Григорий остановился, повернулся к императрице, чуть наклонился и обжёг её своим пытливым, вопрошающим взглядом.
– Человек – на удивление ленивая и косная зверушка, – задумчиво произнес он, взвешивая каждое слово, – меняется резко и до неузнаваемости только в одном случае, если ему угрожает смертельная опасность. Надеюсь, вы не будете отрицать, что у меня были крайне уважительные причины измениться?
– Вы хотите уверить, что ваши знания в медицине, поразившие доктора Боткина и меня, есть результат смертельной опасности?
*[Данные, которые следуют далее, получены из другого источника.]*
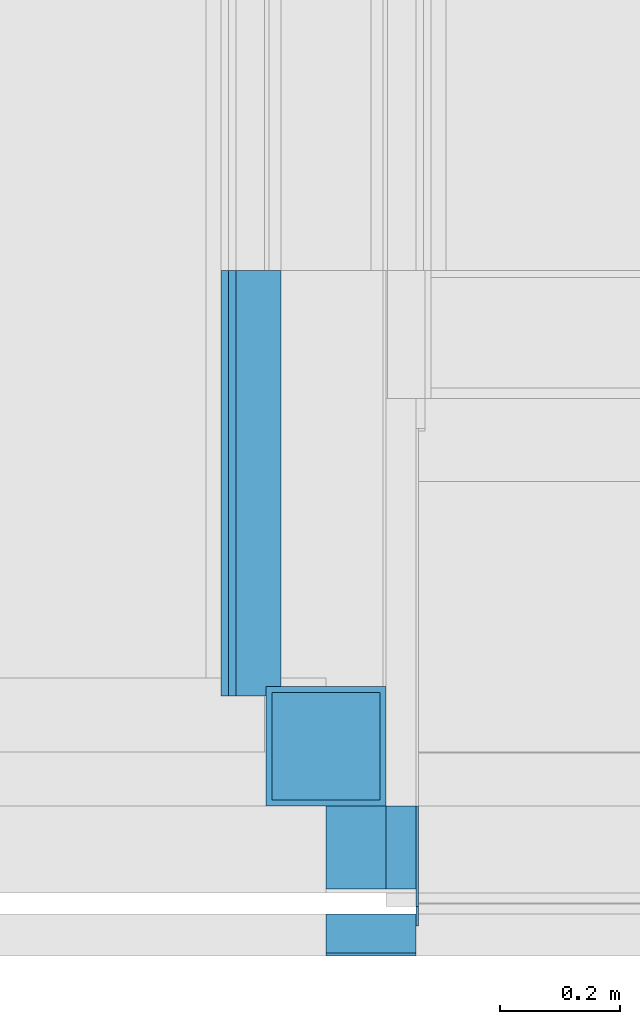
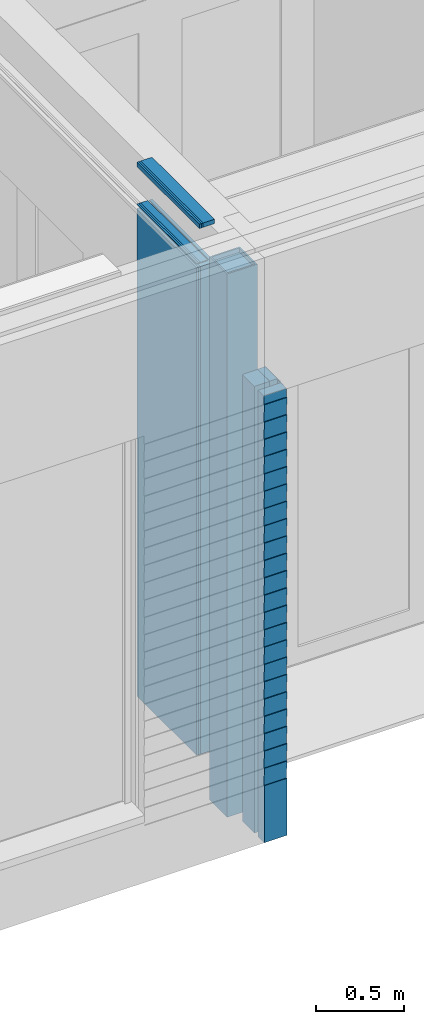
# One storey, part 42 of 165: 9 building element parts, 3 elements without a shape of their own.
"""IFC2X3 building model written with IfcOpenShell, lengths in millimetres."""

from ifc_helpers import new_model, entity, si_unit, converted_unit, derived_unit, money_unit, direction, frame, origin_with_axes, place, context, subcontext, project, spatial, faceted_brep, material, type_object, element, aggregate, save


model = new_model("IFC2X3")

# Units and contexts
model_context = context("Model", 3, precision=0.01, world=origin_with_axes(), true_north=direction((0.0, 1.0)))
body_context = subcontext(model_context, "Body", "Model", "MODEL_VIEW")
ifc_project = project(units=[si_unit("LENGTHUNIT", "METRE", prefix="MILLI"), si_unit("AREAUNIT", "SQUARE_METRE"), si_unit("VOLUMEUNIT", "CUBIC_METRE"), converted_unit("PLANEANGLEUNIT", "DEGREE", entity("IfcPlaneAngleMeasure", 0.0174532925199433), si_unit("PLANEANGLEUNIT", "RADIAN"), dimensions=[0, 0, 0, 0, 0, 0, 0]), money_unit("EUR"), converted_unit("TIMEUNIT", "Year", entity("IfcTimeMeasure", 31556926.0), si_unit("TIMEUNIT", "SECOND"), dimensions=[0, 0, 1, 0, 0, 0, 0]), si_unit("MASSUNIT", "GRAM", prefix="KILO"), si_unit("THERMODYNAMICTEMPERATUREUNIT", "DEGREE_CELSIUS"), si_unit("LUMINOUSINTENSITYUNIT", "LUMEN"), si_unit("ENERGYUNIT", "JOULE", prefix="MEGA"), derived_unit("THERMALCONDUCTANCEUNIT", [(si_unit("POWERUNIT", "WATT"), 1), (si_unit("LENGTHUNIT", "METRE"), -1), (si_unit("THERMODYNAMICTEMPERATUREUNIT", "KELVIN"), -1)]), derived_unit("SPECIFICHEATCAPACITYUNIT", [(si_unit("ENERGYUNIT", "JOULE"), 1), (si_unit("MASSUNIT", "GRAM", prefix="KILO"), -1), (si_unit("THERMODYNAMICTEMPERATUREUNIT", "KELVIN"), -1)]), derived_unit("MASSDENSITYUNIT", [(si_unit("MASSUNIT", "GRAM", prefix="KILO"), 1), (si_unit("VOLUMEUNIT", "CUBIC_METRE"), -1)])], contexts=[model_context])

# Site, building, storey
site_placement = place(None, origin_with_axes())
site = spatial("IfcSite", under=ifc_project, at=site_placement, Name="Site", CompositionType="ELEMENT")
building_placement = place(site_placement, origin_with_axes())
building = spatial("IfcBuilding", under=site, at=building_placement, Name="Naam gebouw", CompositionType="ELEMENT")
storey_placement = place(building_placement, origin_with_axes())
storey = spatial("IfcBuildingStorey", under=building, at=storey_placement, Name="Begane grond", CompositionType="ELEMENT", Elevation=0.0)

# Column, building element parts
column_type_1 = type_object("IfcColumnType", Name="200X200X10 200 x 200", PredefinedType="COLUMN")
column_1_placement = place(storey_placement, frame((8850.0, 99.99999999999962, -425.0000000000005), z_axis=(0.0, 0.0, 1.0), x_axis=(1.0, 0.0, 0.0)))
column_1 = element("IfcColumn", 1, at=column_1_placement, inside=storey, type_object=column_type_1, Name="28_Kolom-x", ObjectType="COLUMN")
ifc_material_1 = material(Name="Beton gewapend C")
building_element_part_1_placement = place(column_1_placement, origin_with_axes())
building_element_part_1 = element("IfcBuildingElementPart", 2, at=building_element_part_1_placement, material=ifc_material_1, Name="Beton gewapend C", context=body_context, shape_type="Brep", body=[
    faceted_brep([(-89.99999999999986, 89.99999999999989, 3705.000002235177), (89.99999999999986, 89.99999999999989, 3705.000002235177), (89.99999999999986, 89.99999999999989, 0.0), (-89.99999999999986, 89.99999999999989, 0.0), (89.99999999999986, -90.00000000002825, 3705.000002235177), (-89.99999999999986, -90.00000000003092, 3705.000002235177), (89.99999999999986, -89.99999999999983, 0.0), (-89.99999999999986, -89.99999999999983, 0.0)], [[[0, 1, 2, 3]], [[4, 1, 0, 5]], [[1, 4, 6, 2]], [[2, 6, 7, 3]], [[5, 0, 3, 7]], [[4, 5, 7, 6]]]),
    faceted_brep([(89.99999999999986, -90.00000000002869, 3730.000002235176), (89.99999999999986, 89.99999999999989, 3730.000002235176), (89.99999999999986, 89.99999999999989, 3735.000000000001), (90.00000000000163, -10.00000000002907, 3735.0), (89.99999999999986, -90.00000000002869, 3735.000000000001), (-89.99999999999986, 89.99999999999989, 3730.000002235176), (-89.99999999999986, -90.00000000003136, 3730.000002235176), (-89.99999999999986, 89.99999999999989, 3735.000000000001), (-89.99999999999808, -10.00000000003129, 3735.0), (-89.99999999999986, -90.00000000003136, 3735.000000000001)], [[[0, 1, 2, 3, 4]], [[5, 1, 0, 6]], [[1, 5, 7, 2]], [[8, 9, 4, 3, 2, 7]], [[6, 0, 4, 9]], [[5, 6, 9, 8, 7]]]),
])
ifc_material_2 = material(Name="Metaal - Staal C")
building_element_part_2_placement = place(column_1_placement, origin_with_axes())
building_element_part_2 = element("IfcBuildingElementPart", 3, at=building_element_part_2_placement, material=ifc_material_2, Name="Metaal - Staal C", context=body_context, shape_type="Brep", body=[
    faceted_brep([(-99.99999999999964, -100.0, 0.0), (99.99999999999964, -100.0, 0.0), (99.99999999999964, -100.0, 3765.000002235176), (-99.99999999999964, -100.0, 3765.000002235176), (-99.99999999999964, 100.0, 0.0), (99.99999999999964, 100.0, 0.0), (-89.99999999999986, -90.00000000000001, 0.0), (89.99999999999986, -90.00000000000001, 0.0), (89.99999999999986, 90.0, 0.0), (-89.99999999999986, 90.0, 0.0), (99.99999999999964, 100.0, 3765.000002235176), (-99.99999999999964, 100.0, 3765.000002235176), (-89.99999999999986, -90.00000000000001, 3765.000002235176), (-89.99999999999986, 90.0, 3765.000002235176), (89.99999999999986, 90.0, 3765.000002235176), (89.99999999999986, -90.00000000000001, 3765.000002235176)], [[[0, 1, 2, 3]], [[0, 4, 5, 1], [6, 7, 8, 9]], [[1, 5, 10, 2]], [[3, 2, 10, 11], [12, 13, 14, 15]], [[4, 0, 3, 11]], [[5, 4, 11, 10]], [[7, 6, 12, 15]], [[8, 7, 15, 14]], [[9, 8, 14, 13]], [[6, 9, 13, 12]]]),
])
aggregate(column_1, [building_element_part_1, building_element_part_2])

# Proxy, building element parts
building_element_proxy_type = type_object("IfcBuildingElementProxyType", Name="22 Metal stud 100 voorzetwand 100", PredefinedType="NOTDEFINED")
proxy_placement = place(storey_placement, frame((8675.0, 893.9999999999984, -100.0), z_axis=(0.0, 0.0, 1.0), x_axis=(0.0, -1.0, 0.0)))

– Мы всю жизнь молим Господа о снисхождении на нас благодати, – загадочно продолжал он, – но не представляем, при каких обстоятельствах это может произойти. А когда чудо случается, пугаемся и бежим от него…
– Значит всё это…
– Относитесь к моим новым знаниям именно так, – кивнул Распутин, перехватывая саквояж, – и не спрашивайте, как так вышло. Для меня самого всё произошедшее – непонятно и удивительно.
– Как скажете, – ответила Александра Фёдоровна, опустив глаза, – в конце концов вы живы, а это главное…
– Нет, не это. Собственная жизнь человека важна только в том случае, если он помогает выжить другим. Во всех остальных она может быть бесполезна и даже вредна. Особенно в наше время…
– Да, – согласилась императрица, – сегодня наша жизнь подобна сжатой пружине. Все чего-то ждут, а чего – непонятно. Как будто некое событие должно спустить курок. Всё понесётся, и люди верят, что понесётся не на них…
Императрица остановилась около невзрачного здания, внешне ничем не выдающего свою принадлежность к лечебному учреждению.
– Мы уже пришли, заходите. Таня будет очень рада…
Если великая княжна Ольга была воплощением женственности и особенной ласковости, то Татьяна, несомненно, представляла другое начало – мужественное и энергичное. Немного выше старшей сестры, но такая же изящная и стройная, она обнаруживала большую твердость и силу во всем. Соответственно характеру, её движения были более чёткими и резкими, взгляд – выразителен и смел. Всегда. Но сегодня случился день исключений. Не подобающие царственному статусу и положению участливого специалиста по уходу за ранеными подрагивающие губы, красный нос и опухшие глаза превратили великую княжну в огорчённого ребёнка.
– Что с тобой, душа моя? – всполошилась Александра Федоровна, увидев в госпитальном коридоре свою дочь, шмыгающую носом, – ты заболела? Тебе нехорошо?
– Со мной всё в порядке, но они так кричат… – всхлипнула августейшая сестра милосердия и, увидев Распутина, вынырнувшего из-за спины императрицы, радостно вскинула брови. – Дорогой друг! Как я рада вас видеть!
– А теперь, – Григорий взял инициативу в свои руки, прикасаясь губами ко лбу Татьяны, – постараемся успокоиться и сообщить, кто кричит и по какому поводу?
– Раненые, – вздохнула княжна, – каждый раз на перевязках. Это так ужасно. И я ничем не могу им помочь. Старые бинты, присохшие к ране, надо обязательно снять и сделать это быстро, чтобы не продлевать мучения… Вот только что закончила перевязку совсем юного корнета… Он так стонал и все время повторял “мама, мамочка”, а потом потерял сознание…
– В таком случае у меня есть две хорошие новости, – ободрил Распутин расстроенных женщин. – Первая – вы, слава Богу, здоровы, в отличие от Ольги. Вторая – думаю, мы сможем облегчить солдатские страдания. Где у вас можно помыть руки?
Распутин прижал к повязке смоченный перекисью тампон, нагнулся к уху солдатика, смотревшего на косматого мужика с плохо скрываемым ужасом, и что-то прошептал.
– Что вы сказали? – округлила глаза Татьяна.